Аввакум. Владислав БахревскийЧитать онлайн книгу.
Ильинична подняла заплаканное лицо, улыбнулась сквозь слезы:
– Царь! Царь! – обняла, уткнулась лицом в шелковую бороду. – Ложись поскорее! Заждалась тебя.
Ничего не понимая, Алексей Михайлович взошел с приступочка на высокую царскую постель, а с другой стороны царица в постель поспешила.
– Кто ж обидел-то тебя? – снова спросил царь с недоумением.
– Да ты и обидел.
– Я?!
– Опять ведь уезжаешь…
– Уезжаю. – Алексей Михайлович вздохнул. – Уж такая судьба, Мария Ильинична. Положиться не на кого. Я уехал с войны, и сразу все пошло вкось да вкривь… Сдается мне, однако ж, не про то у тебя обида.
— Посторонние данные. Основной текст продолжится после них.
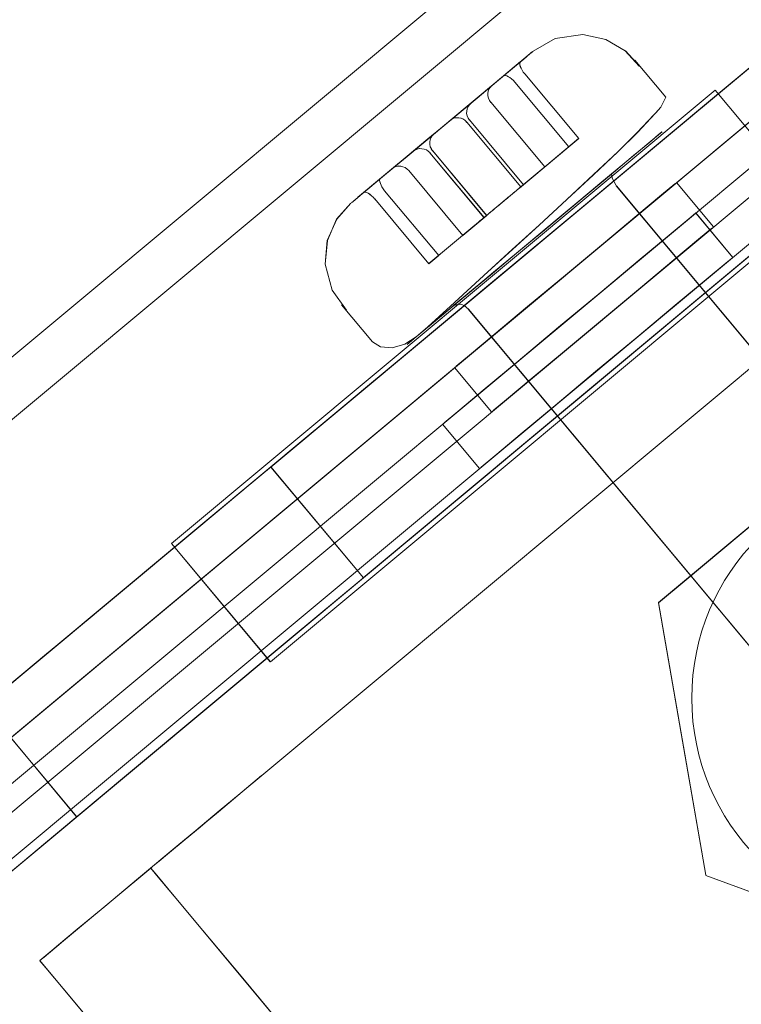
# Model space of a CAD drawing. Header units: millimetres. Extents: x -125266 to 274256, y -711690 to -301689.
# Tile 100 of 256: x -53592 to -53577, y -360702 to -360682. Entities that reach past the tile are written whole.
import ezdxf

# ---------------------------------------------------------------- set-up
doc = ezdxf.new("R2010")
doc.units = ezdxf.units.MM
for name, color, linetype, lineweight in [('AD Wall', 8, 'Continuous', 15), ('ARCH', 7, 'Continuous', 0), ('Equipment', 8, 'Continuous', 0), ('Legend', 5, 'Continuous', 0), ('MEPTEK-TEXT1', 7, 'Continuous', 30)]:
    doc.layers.add(name, color=color, linetype=linetype, lineweight=lineweight)
doc.layers.add('Light Equipment', color=8, linetype='Continuous')
doc.styles.get("Standard").update_dxf_attribs({"font": 'ARIALN.TTF'})
pattern_1 = [(22.867872, (419150.544, -703283.92), (-30.845707, 73.1364), [])]

# ---------------------------------------------------------------- blocks, each defined once
blk = doc.blocks.new('A$Cf0359734')
at = {"layer": 'Equipment', "extrusion": (0, 0, -1), "elevation": -15}
for points in [[(-610.078, 1224.798, -3.802846), (-1131.035, 947.449, 3.802846)], [(-563.585, 1106.137, -3.146449), (-1057.949, 842.946, 3.146449)]]:
    blk.add_lwpolyline(points, format="xyb", close=True, dxfattribs=at)
for points in [[(-591.722, 1158.987, -3.538831), (-1086.084, 895.797), (-1091.774, 906.486), (-1091.58, 906.121), (-1086.084, 895.797), (-1084.559, 898.382), (-1083.015, 900.957), (-1081.46, 903.525), (-1079.888, 906.087), (-1078.303, 908.636), (-1076.702, 911.181)], [(-1077.22, 914.233), (-1087.359, 908.836), (-1091.168, 906.808, 3.626728), (-598.019, 1169.352)], [(-597.218, 1169.311, -3.616317), (-1091.58, 906.121), (-1091.532, 906.208), (-1091.475, 906.293), (-1091.426, 906.38), (-1091.369, 906.465), (-1091.32, 906.552), (-1091.272, 906.639), (-1091.215, 906.724), (-1091.168, 906.808), (-598.022, 1169.351)], [(-597.218, 1169.31, -3.616317), (-1091.582, 906.12, 3.616317), (-597.219, 1169.312)], [(-591.722, 1158.988, -3.538831), (-1086.084, 895.795), (-1084.554, 898.384), (-1083.015, 900.956), (-1081.455, 903.526), (-1079.889, 906.086), (-1078.304, 908.635), (-1076.703, 911.179)], [(-599.158, 1041.719, -0.011713), (-984.646, 836.489), (-990.409, 833.326), (-995.883, 829.759), (-1000.962, 825.886), (-1005.713, 821.665), (-1011.224, 815.871), (-1016.164, 809.592), (-1020.378, 803.047), (-1023.979, 796.101), (-1025.529, 792.694), (-1080.437, 895.526, 3.572618), (-594.649, 1154.151, -3.572618), (-1080.436, 895.526, 3.572618), (-594.65, 1154.151, -3.572618), (-1080.31, 895.593), (-1031.842, 804.552), (-1031.857, 804.516), (-1031.842, 804.552)], [(-546.271, 1063.035, -2.890001), (-1031.776, 804.429), (-1025.527, 792.692)]]:
    blk.add_lwpolyline(points, format="xyb", dxfattribs=at)
for points in [[(-251.206, 455.537), (-293.505, 534.988), (-288.21, 537.807), (-293.505, 534.988)], [(-251.206, 455.537), (-293.505, 534.988)], [(-256.117, 451.869), (-299.289, 532.962), (-300.348, 532.398)], [(-256.117, 451.87), (-299.29, 532.962)], [(-299.29, 532.961), (-300.349, 532.398), (-257.176, 451.305)], [(-300.349, 532.398), (-257.177, 451.306), (-257.543, 451.661), (-258.157, 451.884), (-258.968, 452.003), (-259.847, 452.072)], [(-258.62, 452.438), (-257.561, 453.002), (-298.665, 530.208)], [(-298.665, 530.209), (-257.562, 453.003)], [(-299.724, 529.644), (-258.621, 452.438), (-257.562, 453.001)], [(-299.725, 529.645), (-258.621, 452.439)], [(-269.897, 479.578), (-269.852, 479.494), (-269.717, 479.239), (-269.5, 478.832), (-269.209, 478.287), (-268.851, 477.614), (-268.446, 476.852), (-268.006, 476.026), (-267.546, 475.163), (-267.634, 475.327), (-267.896, 475.819), (-268.324, 476.624), (-268.916, 477.736), (-269.655, 479.123), (-270.531, 480.77), (-271.526, 482.638), (-272.623, 484.698), (-273.798, 486.906), (-275.033, 489.225), (-276.304, 491.612), (-277.589, 494.026), (-278.857, 496.409), (-280.095, 498.733), (-281.27, 500.941)], [(-286.346, 510.475), (-286.259, 510.311), (-285.996, 509.818), (-285.568, 509.013), (-284.979, 507.907), (-284.238, 506.515), (-283.361, 504.868), (-282.366, 502.999), (-281.27, 500.94), (-280.094, 498.732), (-278.86, 496.413), (-277.589, 494.025), (-276.306, 491.616), (-275.035, 489.229), (-273.798, 486.905), (-272.622, 484.697), (-271.526, 482.637), (-270.531, 480.768), (-269.654, 479.122), (-268.916, 477.735), (-268.324, 476.623), (-267.895, 475.818), (-267.633, 475.326), (-267.546, 475.162)], [(-281.09, 500.602), (-280.146, 498.829), (-279.125, 496.912), (-278.049, 494.89), (-276.947, 492.82), (-275.842, 490.744), (-274.768, 488.727), (-273.745, 486.805), (-272.803, 485.037), (-271.961, 483.454), (-271.242, 482.104), (-270.664, 481.019), (-270.241, 480.225), (-269.982, 479.737), (-269.897, 479.579)], [(-285.015, 501.59), (-283.918, 499.531), (-282.743, 497.323), (-281.506, 494.999), (-280.237, 492.617), (-278.952, 490.202), (-277.681, 487.815), (-276.446, 485.496), (-275.271, 483.288), (-274.175, 481.229), (-273.18, 479.36), (-272.303, 477.713), (-271.565, 476.326), (-270.973, 475.214), (-270.544, 474.409), (-270.282, 473.917), (-270.195, 473.753), (-267.548, 475.162), (-270.195, 473.753), (-260.795, 456.097)], [(-285.014, 501.589), (-283.918, 499.53), (-282.743, 497.322), (-281.508, 495.003), (-280.237, 492.615), (-278.954, 490.207), (-277.683, 487.819), (-276.446, 485.495), (-275.27, 483.287), (-274.174, 481.227), (-273.179, 479.359), (-272.302, 477.712), (-271.564, 476.325), (-270.972, 475.213), (-270.544, 474.408), (-270.282, 473.916), (-270.194, 473.752)], [(-272.546, 478.169), (-272.63, 478.328), (-272.889, 478.815), (-273.312, 479.609), (-273.89, 480.694), (-274.609, 482.044), (-275.452, 483.627), (-276.393, 485.395), (-277.416, 487.317), (-278.49, 489.334), (-279.595, 491.41), (-280.697, 493.48), (-281.774, 495.502), (-282.794, 497.419), (-283.738, 499.192), (-284.578, 500.77), (-285.297, 502.12), (-285.875, 503.205), (-286.3, 504.005), (-286.557, 504.487), (-286.644, 504.651), (-283.997, 506.06), (-286.644, 504.651)], [(-280.353, 499.219), (-273.538, 486.417)], [(-276.186, 485.007), (-283.002, 497.809), (-280.355, 499.218), (-283.002, 497.809)], [(-277.489, 497.014), (-277.099, 497.201), (-276.637, 497.264), (-276.152, 497.182), (-275.656, 496.889), (-275.331, 496.471)], [(-278.243, 496.621), (-277.359, 497.092)], [(-279.14, 497.149), (-279.14, 497.149)], [(-278.211, 496.355), (-278.225, 496.395), (-278.244, 496.623)], [(-275.243, 496.306), (-275.324, 496.459), (-275.316, 496.443), (-275.293, 496.401), (-275.212, 496.247), (-275.068, 495.977), (-274.865, 495.596), (-274.617, 495.13), (-274.338, 494.606), (-274.062, 494.087), (-273.802, 493.6), (-273.583, 493.187), (-273.27, 492.6), (-273.103, 492.287)], [(-273.102, 492.285), (-273.063, 492.211), (-273.021, 492.132), (-273.052, 492.19), (-273.133, 492.343), (-273.277, 492.613), (-273.48, 492.995), (-273.728, 493.461), (-274.007, 493.985), (-274.283, 494.503), (-274.543, 494.991), (-274.762, 495.404), (-275.075, 495.991), (-275.242, 496.304)], [(-274.326, 494.584), (-274.955, 495.764), (-275.172, 496.172)], [(-275.317, 490.06), (-275.461, 490.343), (-275.733, 490.919), (-276.187, 491.873), (-276.482, 492.491), (-276.807, 493.167), (-277.14, 493.88), (-277.458, 494.567), (-277.745, 495.195), (-277.97, 495.721), (-278.212, 496.353)], [(-274.645, 494.647), (-274.606, 494.675), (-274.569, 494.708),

– Нет у меня никакой обиды, а только горько! За тебя ж и горько… До какого страха дожили – иконы в церкви, как горшки худые, колотят! В царевой церкви! А кто колотит-то! Патриарх!
– То не иконы – анафема.
– Анафема?!
– Анафема. И Антиохийский патриарх про то же сказал, и Сербский митрополит.
– Да они все – попрошайки! На черное, ради милостыни, скажут – белое. И глазом не моргнут. Вздумается Никону в церквах по-козлиному блеять, тотчас и подбрехнут: истинно-де!
– Голубушка, не говорила бы ты этак! На Никоне благодать Божия.
– И на нас она, на царях, благодать. Не худшая, чем на Никоне. Нечего мне про него думать! О тебе пекусь. Ты – царь! Тебе перед Богом за людей ответ держать.
Алексей Михайлович долго виновато молчал. Вздохнул.
– Ты не права, голубушка! Никон – великий святитель. Он о государстве не меньше моего печется. Без него мне хоть пропадай. Все ж ведь у нас дуром делается. Живут дуром, воюют дуром. А Никона – боятся! Меня тоже, да не все… А его – все! Мне без него, голубушка, нельзя.
Осторожно погладил царицу по щечке:
– Ты уж не серчай на меня. У меня тоже ведь сердце кровью обливается. Уж через неделю ехать от тебя… От Алексеюшки-сыночка, от сестриц. Скучлив я по дому!.. На иконы битые глядючи, я не меньше твоего плакал и печалился. Но ведь не унимаются злыдни! Не велено писать латинских икон – пишут! Не велено в домах ставить – ставят! У нас коли не поколотишь, так и не почешутся.
– Ох! – вздохнула царица.
Царь подумал-подумал и тоже вздохнул.
В то Соборное Воскресение на Неделе Православия в Тобольске произошли события, повергшие в страх многих бывалых храбрецов.
Среди еретиков и прочих хулителей православия, подвергшихся троекратному анафематствованию, был помянут защитник блудодея и кровосмесителя Иван Струна. Анафему произносил сам архиепископ Симеон, а сослужили ему в тот день все тобольские протопопы, иеромонахи, попы и дьяконы.
Едва прозвучало имя Струны, как боярский сын Петр Бекетов вскочил на алтарь и, замахнувшись на архиепископа, на стоявшего рядом с ним Аввакума, заорал, как на площади:
– Ах вы, сучье вымя! Царских слуг проклинать? Я вашим же проклятьем, как коровьей лепехой, в морды вам! В морды! Гривастые кобели! Рыла паскудные! Ну, погодите же у меня! Пошли, ребята, отсюда, от этих вонючих козлов!